**DATA EXTRACTS**
☆ ☆ ☆ ☆ ☆ ☆ ☆
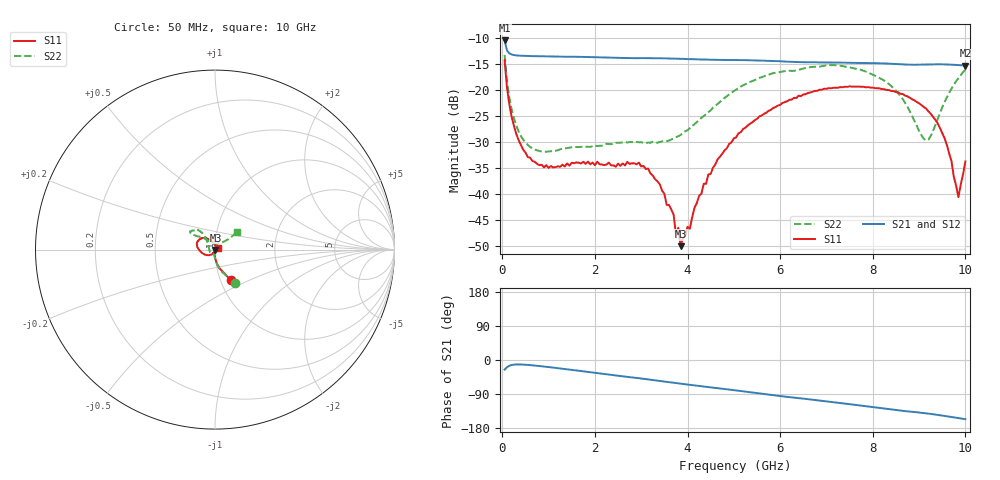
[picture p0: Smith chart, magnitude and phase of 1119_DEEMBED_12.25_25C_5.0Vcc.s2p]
!Hittite Microwave Corp.
!Digital Attenuator/PhaseShifter Rev 1.4.0
!Filename: C:\DATA\DATA\1119_DEEMBED_12.25_25C_5.0Vcc.s2p
!VNA ID: Agilent Technologies,N5224A,MY51441122,A.10.45.03
!Device type:
!2 Port Calibration.
!Temp(C): 25
!Lot Number:
!Serial Number:
!Operator:
!Misc:
!Attenuator:  12.250
# GHZ S DB R 50.0
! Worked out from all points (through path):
!   200 points, 50 MHz to 10 GHz, reference 50 ohm
!   highest |S21| = -10.54 dB at 50 MHz (marker M1); lowest = -15.4 dB at 10 GHz (marker M2)
!   group delay of S21, straight-line fit = 41.3 ps
!   lowest |S11| = -50.0 dB at 3.85 GHz (marker M3), VSWR 1.01, Z = 50.3 - j0.159 ohm
!   |S11| at or under -10 dB: start of sweep to end of sweep
!   |S22| runs from -31.9 to -13.3 dB; largest |S21 - S12| = 0.00054
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0.05  -14.36 -62.5  -10.54 -25.4  -10.54 -25.4  -13.32 -59.5
0.15  -22.70 -83.1  -13.00 -15.3  -13.00 -15.3  -21.44 -81.5
0.25  -26.90 -89.2  -13.34 -12.2  -13.34 -12.2  -25.45 -88.7
0.55  -32.93 -100.0  -13.53 -12.9  -13.52 -12.9  -30.59 -98.2
1  -35.02 -108.8  -13.60 -18.6  -13.60 -18.6  -31.85 -106.1
1.75  -33.83 -114.8  -13.70 -29.9  -13.70 -29.9  -30.91 -114.5
2.95  -33.99 -97.0  -13.93 -48.0  -13.94 -48.1  -30.09 -151.8
3.4  -38.13 -91.7  -13.96 -55.1  -13.97 -55.2  -30.05 -173.9
3.7  -44.00 -66.2  -14.02 -60.0  -14.02 -60.0  -29.37 169.3
3.75  -47.87 -59.2  -14.04 -60.8  -14.04 -60.9  -29.14 166.8
3.8  -46.52 -44.7  -14.05 -61.6  -14.05 -61.7  -28.92 163.0
3.85  -50.04 -30.3  -14.07 -62.4  -14.07 -62.5  -28.69 160.5
4.45  -36.25 73.9  -14.23 -71.5  -14.25 -71.6  -24.31 135.2
5.05  -29.14 100.2  -14.30 -80.3  -14.32 -80.3  -19.98 126.9
5.85  -23.51 122.2  -14.48 -92.9  -14.49 -93.0  -16.81 130.8
6.7  -20.38 138.4  -14.72 -104.8  -14.73 -104.8  -15.61 139.9
7.65  -19.37 158.8  -14.85 -118.8  -14.86 -118.8  -15.96 146.8
8.35  -20.06 171.8  -14.99 -129.6  -14.99 -129.7  -18.92 140.1
9.15  -23.61 -156.3  -15.15 -140.7  -15.17 -140.7  -29.72 89.6
9.55  -29.31 -125.1  -15.13 -147.6  -15.14 -147.6  -22.37 40.1
9.85  -40.62 -32.7  -15.27 -153.3  -15.27 -153.3  -17.76 38.2
10  -33.77 30.6  -15.37 -156.1  -15.38 -156.1  -16.15 39.3
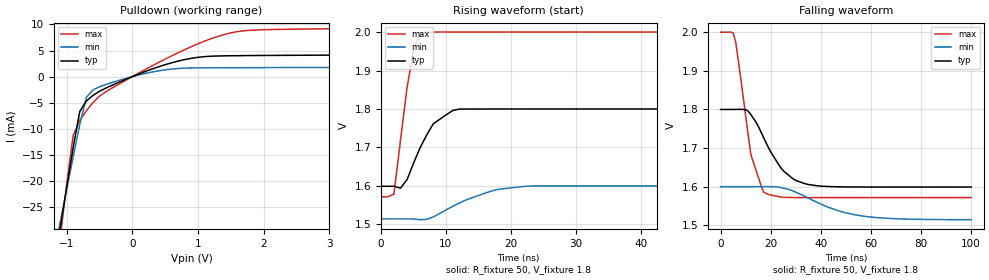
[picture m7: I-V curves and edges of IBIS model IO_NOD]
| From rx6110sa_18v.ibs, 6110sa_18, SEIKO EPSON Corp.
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[Model]   IO_NOD
Model_type Open_drain
Enable Active-Low
Polarity Non-Inverting
Vref=1.8
Vmeas=0.9
Rref=5000
C_comp   2.5p   2p   3p
[Temperature Range] 25   85   -40
[Voltage Range]   1.8   1.6   2.0
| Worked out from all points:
|   slope of the pulldown table from 0 to 0.27 V, typ, clamps not added: 206 ohm
|   falling waveform, R_fixture 50, V_fixture 1.8: 20-80 % time 10.6ns typ, 19.5ns min, 6.06ns max; typ from 1.8 V to 1.6 V
|   rising waveform, R_fixture 50, V_fixture 1.8: 20-80 % time 3.44ns typ, 6.96ns min, 2.06ns max; typ from 1.6 V to 1.8 V
[Pulldown]
-1.8V     -86.42mA   -77.23mA   -105.3mA
-1.1V     -29.16mA   -28.04mA   -31.08mA
-1V       -21.31mA   -21.63mA   -20.71mA
-900mV    -13.53mA   -15.35mA   -11.23mA
-800mV    -6.683mA   -9.177mA   -8.363mA
-700mV    -4.673mA   -3.993mA   -6.555mA
-500mV    -2.814mA   -1.945mA   -3.752mA
100mV     507uA      322.3uA    694.9uA
600mV     2.655mA    1.451mA    3.99mA
1.4V      3.983mA    1.706mA    8.072mA
1.9V      4.05mA     1.725mA    8.952mA
3.6V      4.155mA    1.772mA    9.24mA
[Falling Waveform]
R_fixture=50
V_fixture=1.8
V_fixture_min=1.6
V_fixture_max=2.0
0s        1.8V       1.6V       2V
5.051ns   1.8V       1.6V       1.998V
6.061ns   1.8V       1.6V       1.974V
10.1ns    1.799V     1.6V       1.78V
12.12ns   1.786V     1.6V       1.683V
17.17ns   1.727V     1.6V       1.586V
24.24ns   1.647V     1.597V     1.573V
34.34ns   1.607V     1.573V     1.572V
57.58ns   1.599V     1.523V     1.572V
100ns     1.599V     1.515V     1.572V
[Rising Waveform]
R_fixture=50
V_fixture=1.8
V_fixture_min=1.6
V_fixture_max=2.0
0s        1.599V     1.514V     1.572V
2.02ns    1.599V     1.514V     1.578V
3.03ns    1.594V     1.514V     1.718V
4.04ns    1.616V     1.514V     1.855V
5.051ns   1.659V     1.514V     1.953V
6.061ns   1.699V     1.512V     1.995V
7.071ns   1.732V     1.513V     1.999V
11.11ns   1.796V     1.547V     2V
22.22ns   1.8V       1.599V     2V
100ns     1.8V       1.6V       2V
[Ramp]
R_load=50
dV/dt_r   1.205E-1/3.396E-9   5.133E-2/6.953E-9   2.570E-1/2.043E-9
dV/dt_f   1.205E-1/1.061E-8   5.126E-2/1.954E-8   2.570E-1/6.054E-9
|[End   IO_NOD
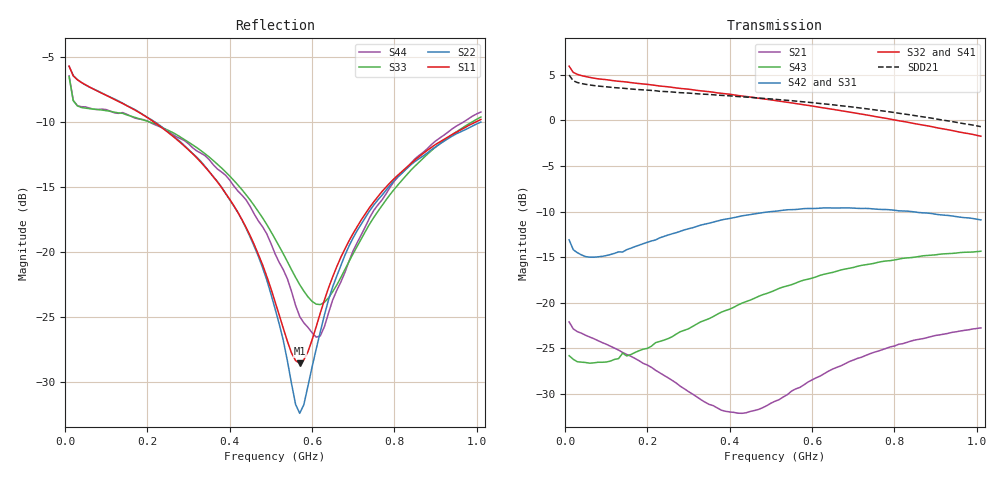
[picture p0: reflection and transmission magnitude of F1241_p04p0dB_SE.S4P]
! Integrated Device Technology
! Corporate Headquarters
! 6024 Silver Creek Valley Road
! San Jose, CA 95138  USA
! Phone:  1-408-284-8200
! Toll Free:  1-800-223-1366
! Webpage:  http://www.idt.com/
! Timing and RF Division
! 515 Groton Road, Suite 102
! Westford, MA 01886-6024
! Device:  F1241
! Description: Dual Intermediate Frequency Digital Variable Gain Amplifier
! Frequency:  10.0 -  500.00 MHz
! Package:  5x5 mm QFN Plastic Package: 32 pin
! Ports:  8 RF, 20 DC
!  Pin  1  = GA3  Pin 17  = RF OUT_B+
!  Pin  2  = GA4  Pin 18  = RF OUT_B-
!  Pin  3  = GA5  Pin 19  = STBY_B
!  Pin  4  = ISET_A  Pin 20  = Ground
!  Pin  5  = ISET_B  Pin 21  = Ground
!  Pin  6  = GB5  Pin 22  = STB_A
!  Pin  7  = GB4  Pin 23  = RF OUT_A-  = Port 4
!  Pin  8  = GB3  Pin 24  = RF OUT_A+  = Port 3
!  Pin  9  = GB2  Pin 25  = NO CONNECT
!  Pin 10  = GB1  Pin 26  = NO CONNECT
!  Pin 11  = RF IN_B+  Pin 27  = VCC
!  Pin 12  = RF IN_B-  Pin 28  = Ground
!  Pin 13  = Ground  Pin 29  = RF IN_A-  = Port 2
!  Pin 14  = VCC  Pin 30  = RF IN_A+  = Port 1
!  Pin 15  = NO CONNECT  Pin 31  = GA1
!  Pin 16  = NO CONNECT  Pin 32  = GA2
! State:  16
! Gain State:  4.0 dB
! Voltages:  Vcc = +5.00 Volts  Icc approximately 160.0 mA or 80 mA per channel.
! Data:  The device was measured on a custom evaluation board which has
!  individual transmission lines to the RF pins.  Data was collected
!  using a calibrated network analyzer.  The evaluation board was
!  de-embedded using a port reference technique.
!  The reference plane is the edge of the package pin.
!  Only Channel A was measured.
!  This data is in single-ended operation.  If your needs are balanced
!  or differential S-parameters then this file needs to be used a
!  linear simulator.
! Misc:  Lot Code  160028MY
!  Action Tracker AT004
! Date Measured:  2014-08-14
! Date:  2014-08-28  MJV
! Note:
!  Integrated Device Technology supplies this data as a sample of measured
!  data at the package pin for this product.  Your particular data for this
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# Hz S dB R 50
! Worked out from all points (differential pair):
!   101 points, 10 MHz to 1.01 GHz, reference 50 ohm
!   strongest paths, dB at 10 MHz, 260 MHz, 510 MHz, 760 MHz, 1.01 GHz:
!     S32: 6.0, 3.6, 2.2, 0.4, -1.7
!     S41: 6.0, 3.6, 2.1, 0.2, -1.9
!     S42: -13.1, -12.4, -10.0, -9.8, -10.9
!     S31: -13.1, -12.4, -10.0, -9.8, -11.0
!     S43: -25.8, -23.8, -18.6, -15.6, -14.4
!     S21: -22.1, -28.5, -30.8, -25.3, -22.8
!   taken as a pair (ports 2,1 in; 3,4 out), SDD21 dB: 5.0, 3.1, 2.3, 1.1, -0.7
!   lowest |S11| = -28.6 dB at 570 MHz (marker M1), VSWR 1.08, Z = 47.1 - j2.14 ohm
!   |S11| at or under -10 dB: 214.6 MHz to 999.2 MHz (784.6 MHz wide, 129 % of centre)
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1e7  -5.73 -16.1  -22.09 -19.3  -41.12 3.8  -18.86 12.9
     -22.12 -19.3  -5.73 -15.9  -18.88 12.6  -41.14 3.5
     -13.09 160.6  5.96 173.4  -6.55 -29.3  -25.92 -174.4
     5.99 173.4  -13.11 160.7  -25.83 -174.6  -6.48 -29.3
2.2e8  -10.12 -32.2  -27.45 -24.8  -36.18 36.9  -19.35 -14.4
       -27.43 -25.8  -10.06 -30.1  -19.35 -14.3  -36.24 35.7
       -13.10 83.4  3.85 143.1  -10.18 -22.6  -24.54 139.2
       3.84 142.5  -13.12 83.6  -24.40 139.3  -10.26 -21.3
3.8e8  -15.06 -50.6  -31.50 -5.6  -32.71 31.9  -19.25 -24.1
       -31.82 -7.3  -15.03 -46.2  -19.18 -23.7  -32.72 30.4
       -10.97 43.4  2.98 121.3  -13.56 -40.1  -21.40 114.5
       2.94 120.4  -10.92 43.0  -21.04 114.0  -13.87 -37.6
5.7e8  -28.60 -142.3  -28.81 30.2  -30.10 21.3  -19.20 -37.9
       -29.32 31.5  -32.45 -136.2  -18.98 -37.5  -30.07 18.7
       -9.78 5.8  1.79 96.9  -22.54 -93.1  -18.04 87.3
       1.70 95.8  -9.73 4.9  -17.68 86.9  -25.00 -91.5
6.2e8  -24.73 165.0  -27.66 32.1  -29.56 18.0  -19.25 -41.9
       -28.06 34.1  -26.18 157.0  -18.99 -41.5  -29.53 15.4
       -9.70 -3.0  1.43 90.8  -24.08 -132.6  -17.36 80.4
       1.34 89.7  -9.63 -4.1  -17.00 80.0  -26.50 -148.0
7.1e8  -18.06 138.3  -25.97 31.7  -28.71 11.9  -19.41 -49.0
       -26.13 34.0  -18.36 134.2  -19.08 -48.6  -28.70 8.8
       -9.73 -17.5  0.77 80.2  -19.57 172.1  -16.35 68.3
       0.65 79.0  -9.65 -19.1  -16.02 67.9  -19.29 159.6
1.01e9  -9.83 116.1  -22.89 19.7  -26.79 -10.4  -20.63 -70.8
        -22.77 21.2  -10.03 115.5  -20.04 -70.9  -26.78 -14.2
        -11.05 -55.7  -1.73 48.4  -9.64 132.3  -14.69 33.4
        -1.93 47.5  -10.92 -58.6  -14.36 32.9  -9.26 128.2
☆ ☆ ☆ ☆ ☆ ☆ ☆
**PROBLEM**
Where the word "needs" shows up in a line of the entries above, count that line; the answer is the total alone.

**OUTPUT BELOW**
2